Machine Learning Techniques (free): Machine learning means a wide array of things these days, but to me, it’s having a good understanding which advanced technique can (and should) be applied to your current research problem. This means having a firm understanding of when to use regression, clustering, and data reduction techniques. It’s also worth noting that some of the “hotter” techniques like sentiment analysis, graph analysis, and recommendation engines have a number of applications in Enrollment Management. In future posts, I will discuss how to use these techniques. In the short run, here is a previous post where I use a very simple toy dataset to highlight how you can leverage data to predict student yield.

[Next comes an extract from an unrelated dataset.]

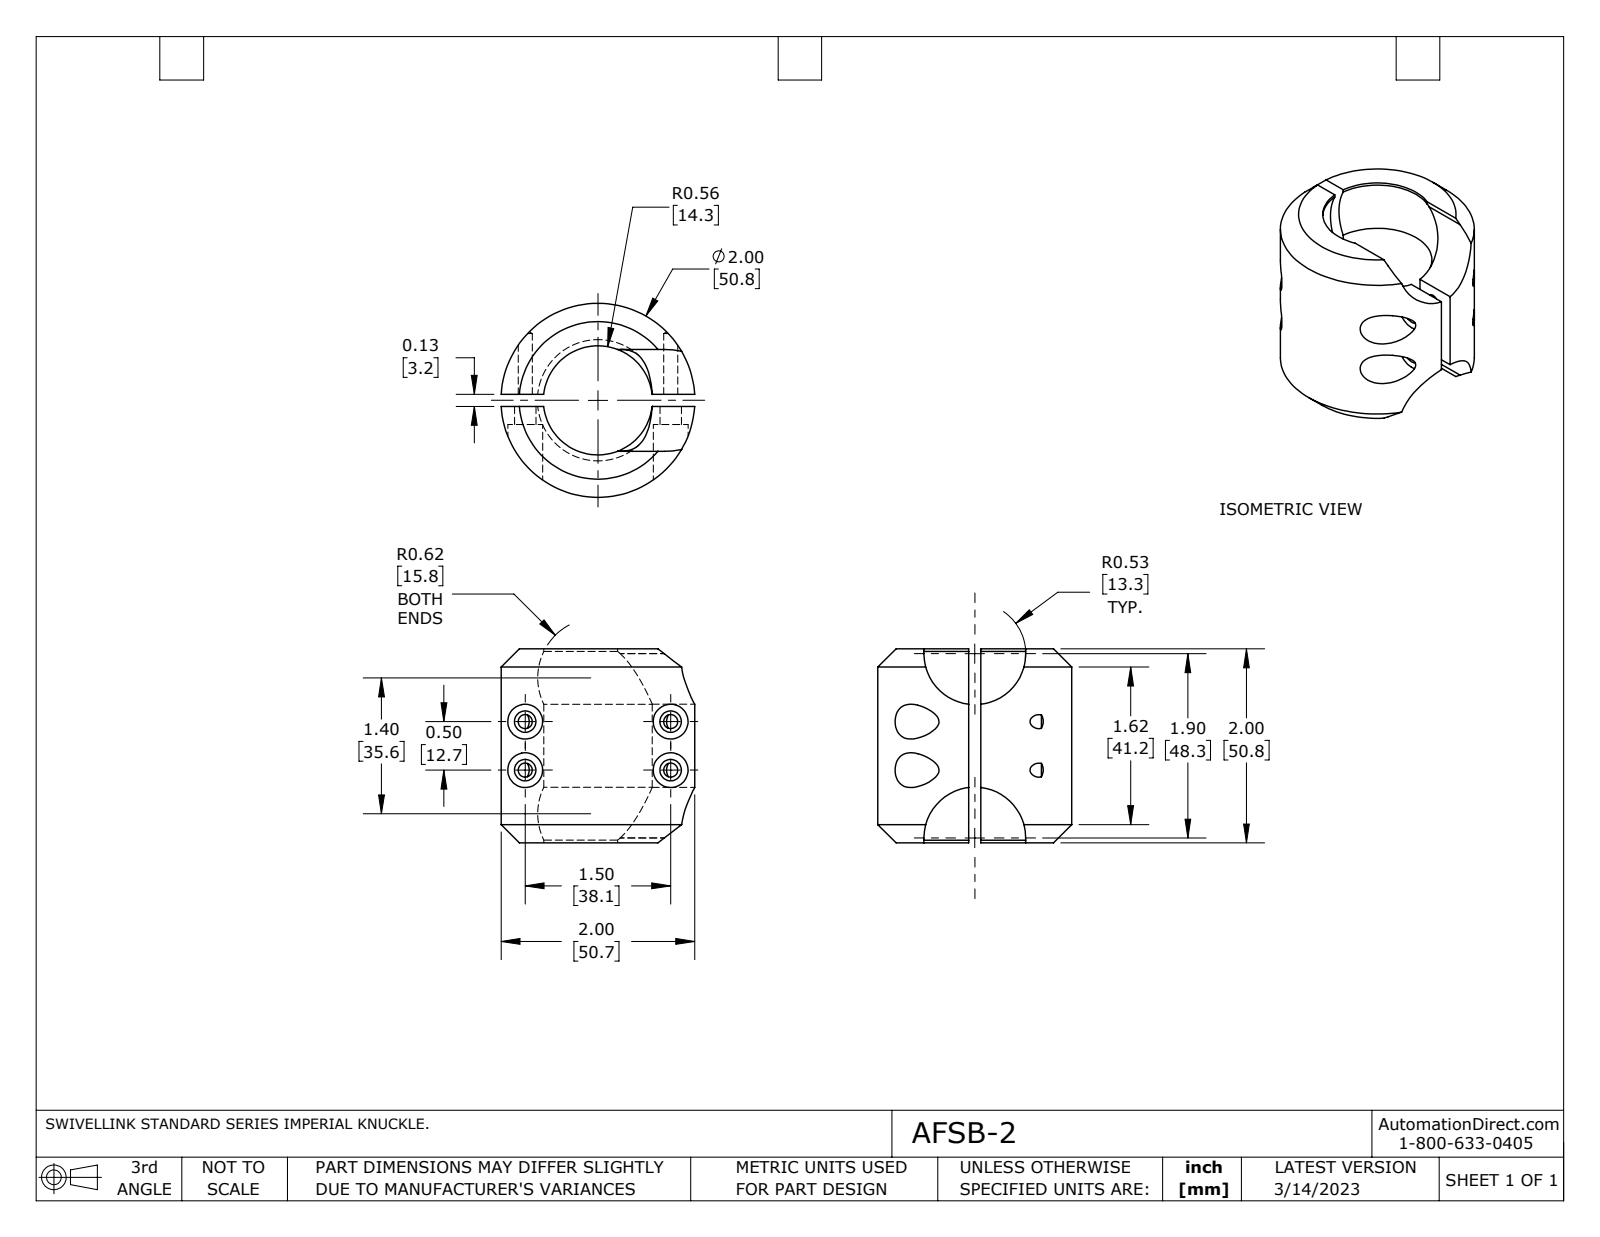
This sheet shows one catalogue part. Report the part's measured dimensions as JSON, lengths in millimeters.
{"part_name": "AFSB-2", "step_written_by": "SolidWorks 2021 (AUTOMOTIVE_DESIGN)", "units": "millimeters", "bodies": {"solids": 2, "faces": 52, "planar": 16, "cylindrical": 24, "other": 12}, "overall_size": [50.8, 50.8, 50.7], "volume_mm3": 51900, "surface_area_mm2": 16500, "round_holes": [[3.7, 4], [5.6, 4], [9.1, 4], [28.6, 1]], "round_bosses_or_shafts": [[50.8, 1]], "partial_cylinders_radius": [[13.3, 2]], "face_to_face_distances": [3.2, 50.8, 8, 4.7, 11.7, 14.9, 19.7, 26.7, 7], "hole_center_spacings": [12.7, 38.1, 40.2]}

Markdown (free): Markdown is a markup language that is not only easy to read and write, but can be converted to a number of output formats, including HTML and Word. In R, it’s possible to automate your entire workflow using Markdown. You can clean data, generate slide decks, journal articles, and even interactive websites when you use RMarkdown. So what? Your productivity skyrockets when you can build an HTML report and have it emailed to you every morning before you get into work. Trust me, it’s amazing.

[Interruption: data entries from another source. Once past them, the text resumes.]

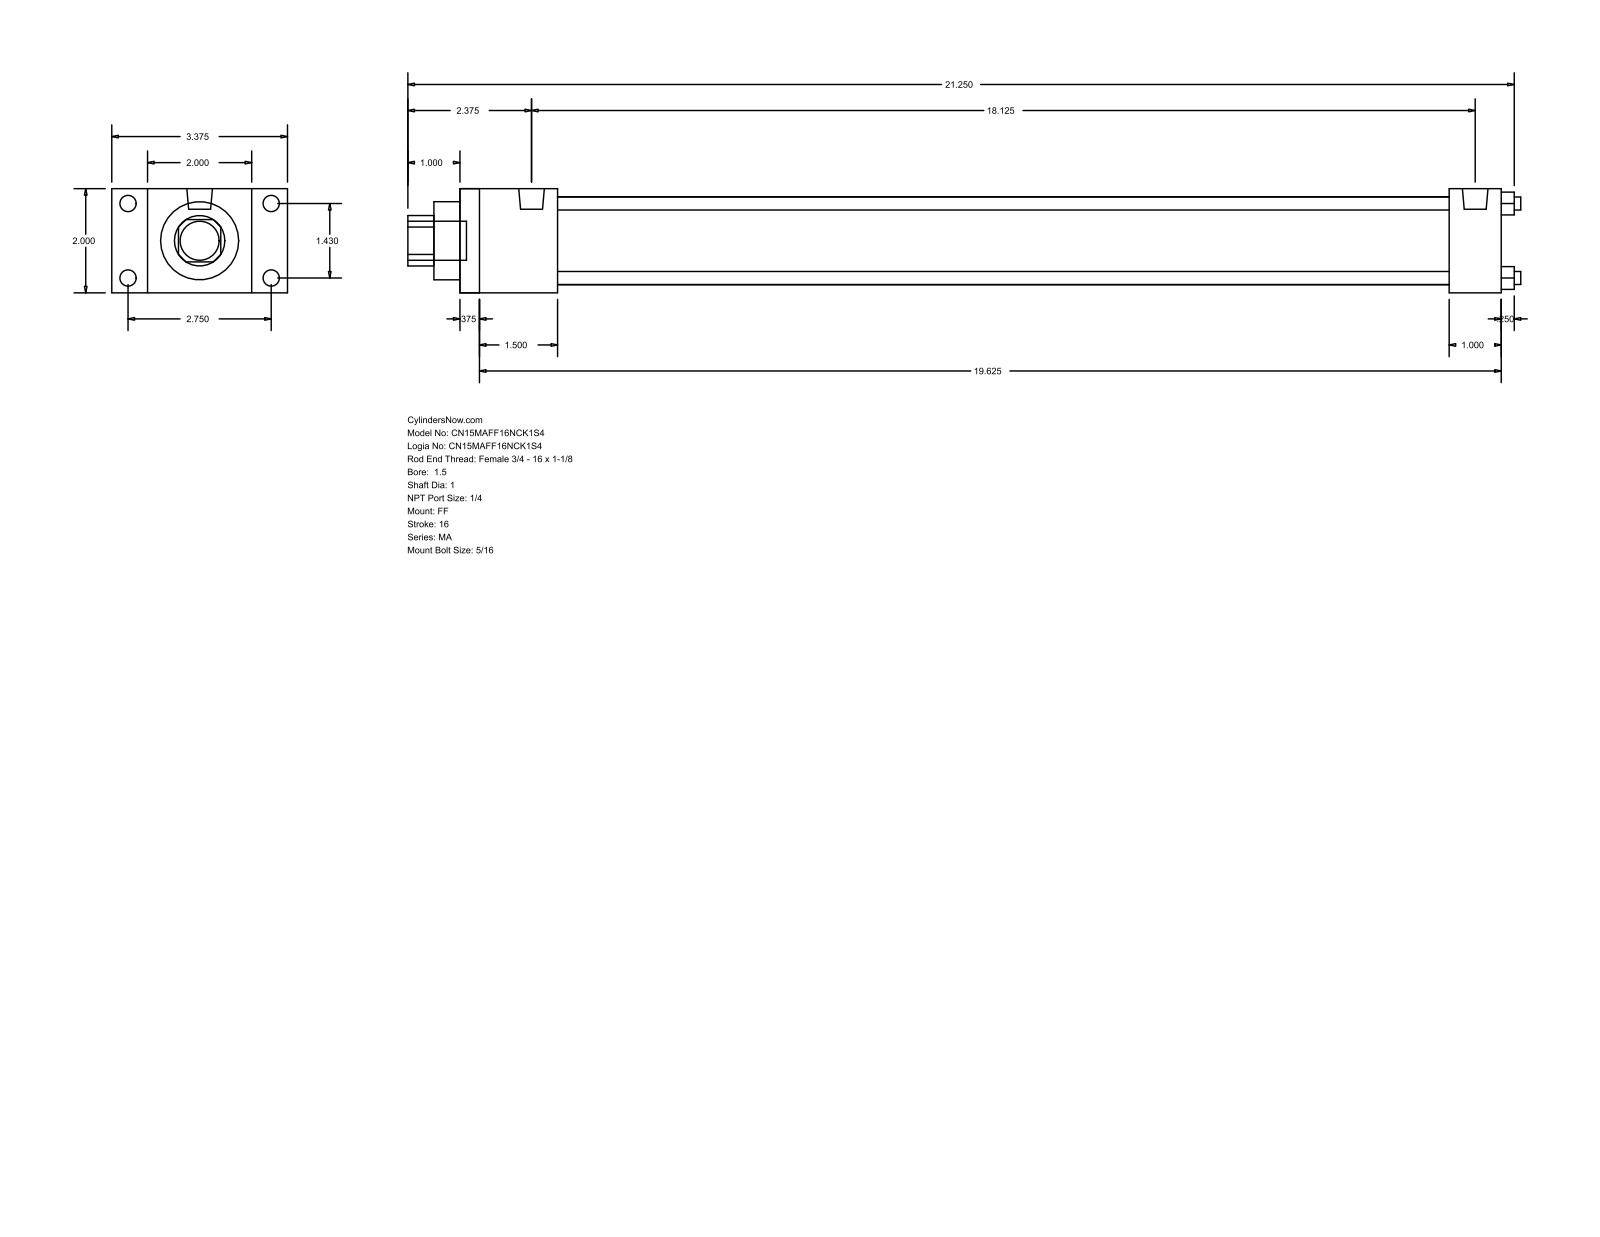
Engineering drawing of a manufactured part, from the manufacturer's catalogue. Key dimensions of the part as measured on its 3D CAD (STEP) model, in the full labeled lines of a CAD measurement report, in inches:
Part name (STEP PRODUCT): MA_FF__0150_1
STEP written by: GSSL Pune (CONFIG_CONTROL_DESIGN)
Units: inches
Bodies: 0 solids, 92 faces (64 planar, 28 cylindrical, 0 other)
Overall size (bounding box): 21.375 × 3.375 × 2
Round holes (diameter × count): ⌀0.25 ×4, ⌀1 ×1, ⌀1.5 ×1, ⌀1.69 ×1
Round bosses / shafts (diameter × count): ⌀0.313 ×8, ⌀0.492 ×2, ⌀0.75 ×1
Partial cylindrical surfaces — rounded edges, fillets, slot ends (radius × count): R0.484 ×1
Main face-to-face distances: 2, 20, 0.375, 19.625, 1, 1.875, 19, 1.5, 18.625, 17.125
Hole centre spacings: 1.011, 1.43, 2.022

Github (free-ish): Github is a cloud-based solution to store your Git (version control) projects online. Git makes it possible for your to lock in versions of your code and analysis, even reports. No more saving your files with v1, v2, etc. It’s the bee’s knees but does take some getting used to. The learning curve is worth the effort.

What’s Next?

Outside of Tableau, all of the skills and software listed above are free, as in, free beer. Even Tableau has Tableau Public, but there are usage limitations, Nonetheless, everything you need to be effective within Enrollment Science is (basically) free. Of course, it takes time to hone these skills, many of which can not be learned from a text book, but the efforts will pay off in spades. Enrollment Science is no longer a luxury, but a necessity in order to compete in today’s rapidly changing higher education landscape. From here, I aim to highlight how easy it is to get started within Enrollment Science. I am very passionate about this topic, so I hope to share that passion with you. My aim is to introduce you to the tools listed above, and apply advanced techniques to datasets that you already have in-house. Today, Enrollment Management divisions are asking increasingly complex questions. Luckily, industry (i.e. for profit companies) have proven that we can leverage data to improve our position in the market, so it’s about time we get better at data within Enrollment Management.